Je discerne un soupçon de regret dans son regard. Je crois qu'il n'est pas totalement prêt à endurer sa colère... ou sa folie. Pourtant, c'est d'un pas assuré et déterminé qu'il se dirige vers la porte et qu'il pousse cette dernière sans aucune hésitation. Je m'empresse de lui emboîter le pas, histoire de pouvoir me mettre devant lui s'il reprenait à Lily l'envie de le gifler comme la dernière fois. J'entre pratiquement en même temps que lui et refermer la porte aussitôt. Je remarque que la pièce est vide de tout client et je me dépêche de pousser Jake jusqu'à l'arrière-boutique où Lily, installée sur l'une des chaises hautes, est silencieuse et stoïque. Son regard est posé sur nous, sans étonnement, comme s'il avait su que Jake serait là. Nous nous stoppons et la dévisageons, attendant de savoir sur quel pied danser.
— Est-elle toujours vivante ? m'interroge Jake dans un imperceptible murmure.
Je hausse doucement les épaules, assez flippée de la voir dans un tel état.
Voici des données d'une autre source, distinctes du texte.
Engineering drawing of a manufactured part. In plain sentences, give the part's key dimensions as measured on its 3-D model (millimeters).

Cela fait dix ans que je la connais, je ne l'ai pourtant jamais vu comme ça calme.
— Lily, Jake. Jake, Lily, tenté-de de plaisanter.
Même pas un sourire, ça alors !
— Je me suis préparé à subir ton interrogatoire, prend-il la parole, ô vénérable Lily.
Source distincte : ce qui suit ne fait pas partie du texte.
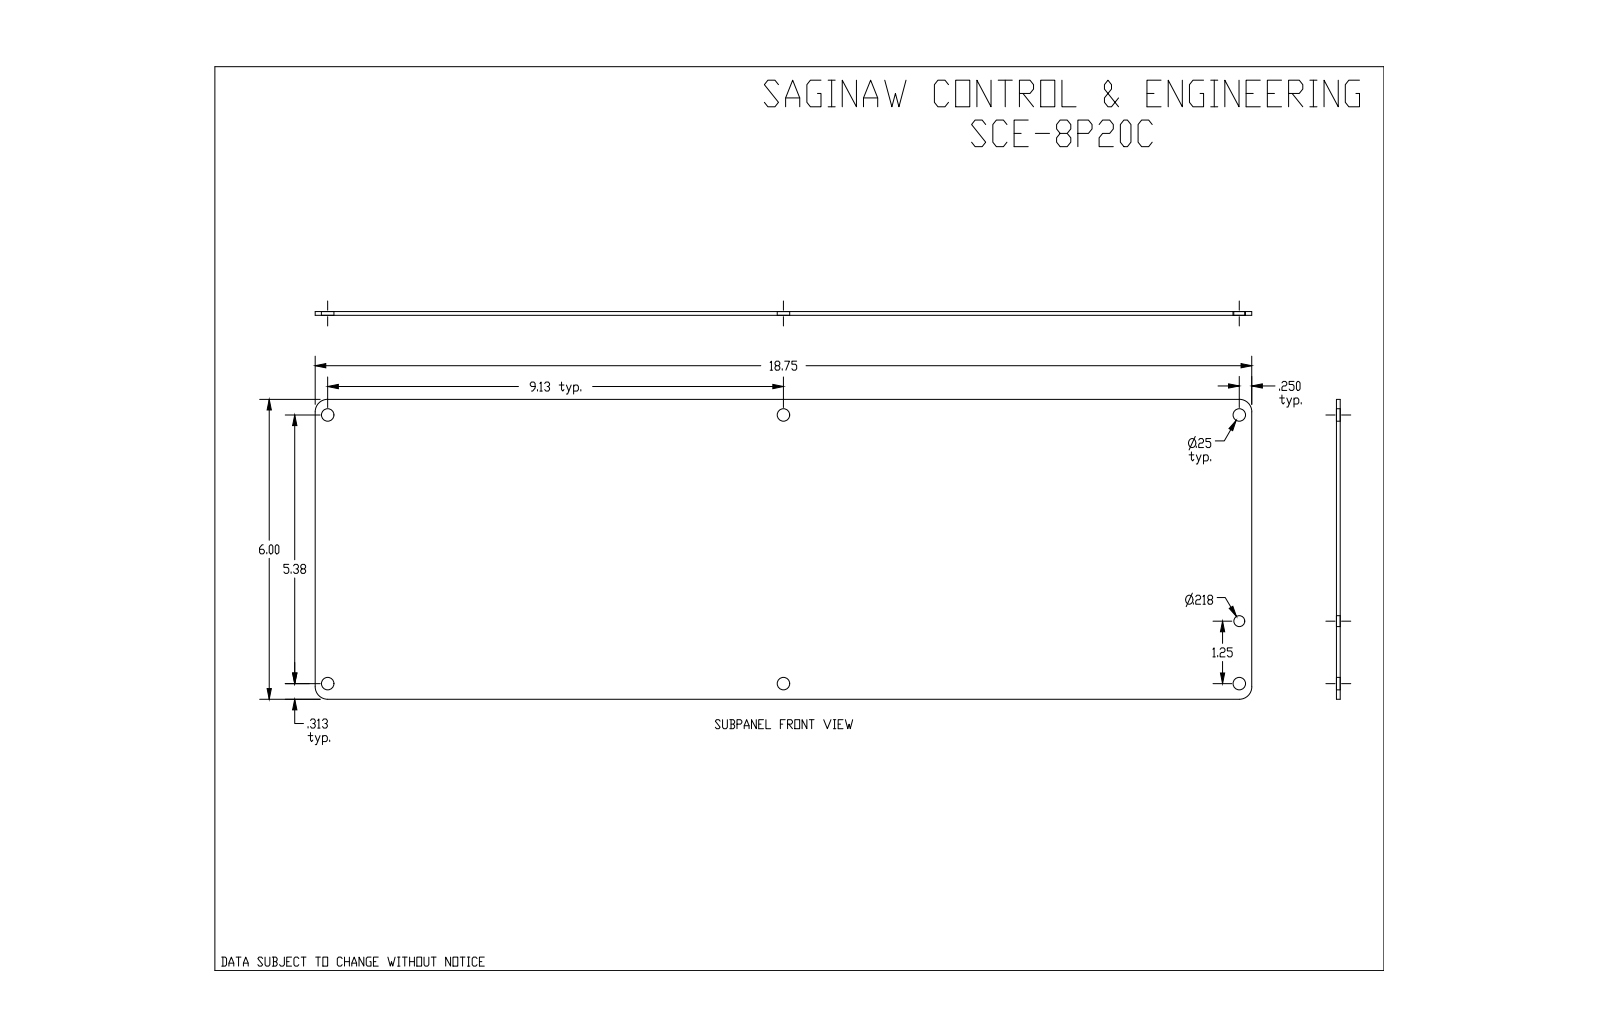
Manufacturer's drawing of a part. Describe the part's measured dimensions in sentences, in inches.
The part is named "SCE-8P20C". Its 3-D file was written by "SolidWorks 2019 (CONFIG_CONTROL_DESIGN)". It is 1 solid with 17 faces: 6 planar, 11 cylindrical and 0 other. Overall it measures 18.75 by 6 by 0.075 inches. Its volume is 8.409 cubic inches and its surface area 228.3 square inches. Round holes: 6 of diameter 0.25, 1 of diameter 0.218. Partial cylindrical surfaces (rounded edges, fillets, slot ends): 4 of radius 0.25. The main face-to-face distances are 0.075, 6, 18.75. The hole center spacings are 9.125, 10.59, 5.375, 18.25, 19.025, 1.25, 4.125, 9.21.

Je tourne mon visage vers mon petit ami. Sérieusement ? Vénérable ? Il pense quoi ? Gagner des points ?
— Alors, installe-toi face à moi, l'invite-t-elle à faire d'une voix très solennelle.
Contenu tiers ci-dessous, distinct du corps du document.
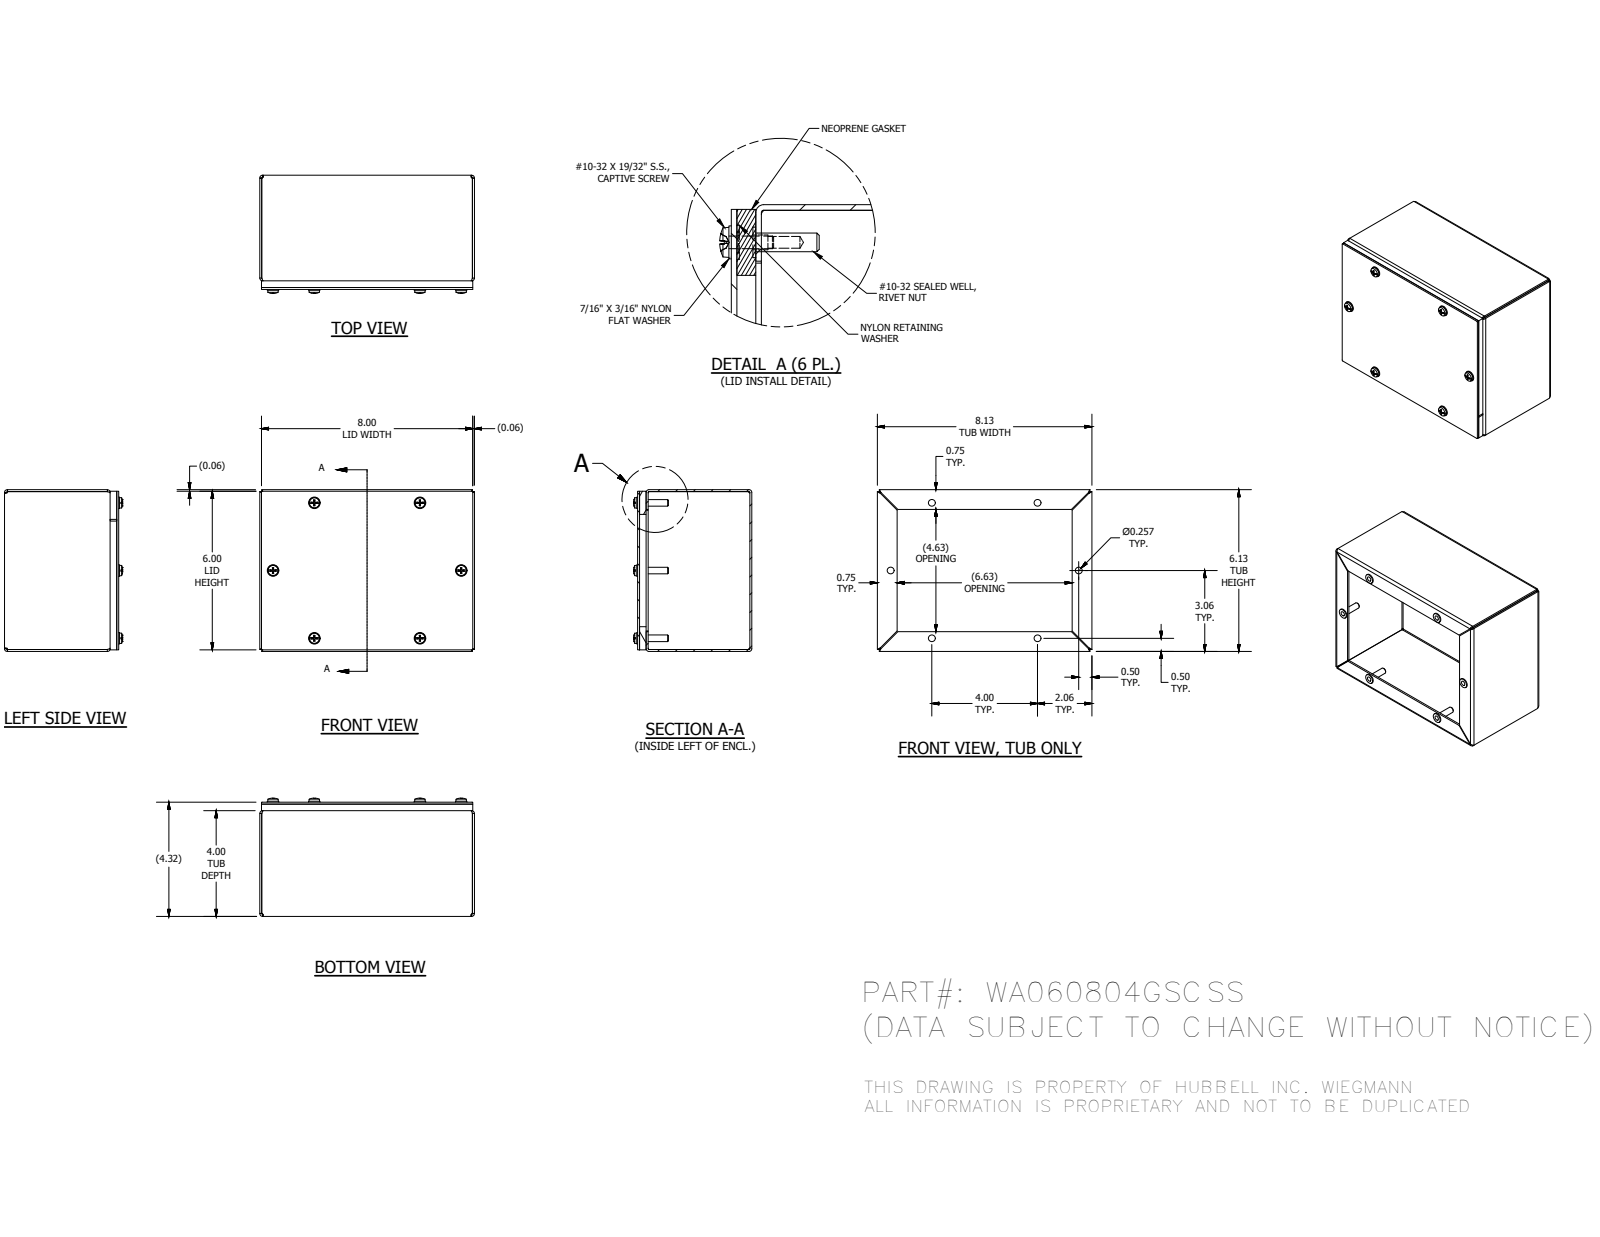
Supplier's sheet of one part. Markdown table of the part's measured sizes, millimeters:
| quantity | value |
| --- | --- |
| part name | WA060804GSCSSBKP; WA0608GSCSSLID; 316295; 37210 (+4 more) |
| STEP written by | Autodesk Inventor 2016 (AUTOMOTIVE_DESIGN) |
| units | millimeters |
| bodies | 28 solids, 602 faces (332 planar, 128 cylindrical, 142 other) |
| overall size | 206.38 × 155.57 × 113.75 |
| volume | 361 475 mm³ |
| surface area | 338 052 mm² |
| round holes (diameter × count) | 3.96 × 6, 4.78 × 6, 4.98 × 6, 6.53 × 6, 7.06 × 6, 7.14 × 6, 7.95 × 6 |
| round bosses / shafts (diameter × count) | 11.51 × 6, 11.11 × 6, 10.31 × 6, 6.3 × 6, 4.25 × 6 |
| partial cylindrical surfaces (radius × count) | 0.79 × 12, 1.78 × 8, 2.67 × 8, 2.27 × 6 |
| main face-to-face distances | 1.88, 107.95, 153.7, 99.72, 8.23, 106.07, 109.83, 204.5, 6.35, 101.6 |
| hole center spacings | 101.6, 155.54, 76.21, 76.22, 76.23, 76.24, 130.16, 155.55 |

Ah oui, donc à lui elle lui répond, mais pas à moi ?
Je vois l'homme de la pièce s'avancer vers l'une des femmes les plus étonnantes que j'ai pu rencontrer dans ma vie. Il s'installe sur une chaise, de l'autre côté du plan de travail. Il ne manque plus qu'une musique stressante et je suis tout droit transportée dans un film policier.
— Vous ne trouvez pas que vous en faites un peu trop ? leur demandé-je en tapotant nerveusement du pied.
— Il faut bien que j'y passe un jour, autant maintenant.
— Lil...
— L'interrogatoire ne peut être interrompu, déclare-t-elle.
Je roule des yeux, considérant cette situation excessive.
— À nous deux, clame-t-elle d'une voix forte qui nous fait sursauter.
— D'accord, que veux-tu sav...
— Je t'arrête tout de suite mon petit gars ! Toi, tu m'écoutes et c'est moi qui parle. Tu as le droit de prendre la parole seulement quand je te pose des questions. Et n'essaie pas de te disperser. Oublie également les excuses totalement débiles, ça ne marche pas avec moi. Pour le moment, l'opinion que j'ai de toi est vraiment mauvaise, voire passablement médiocre malgré tes prouesses au lit.
— Bordel, Lily !
Je fais un pas vers eux, mais elle m'arrête d'un geste de la main.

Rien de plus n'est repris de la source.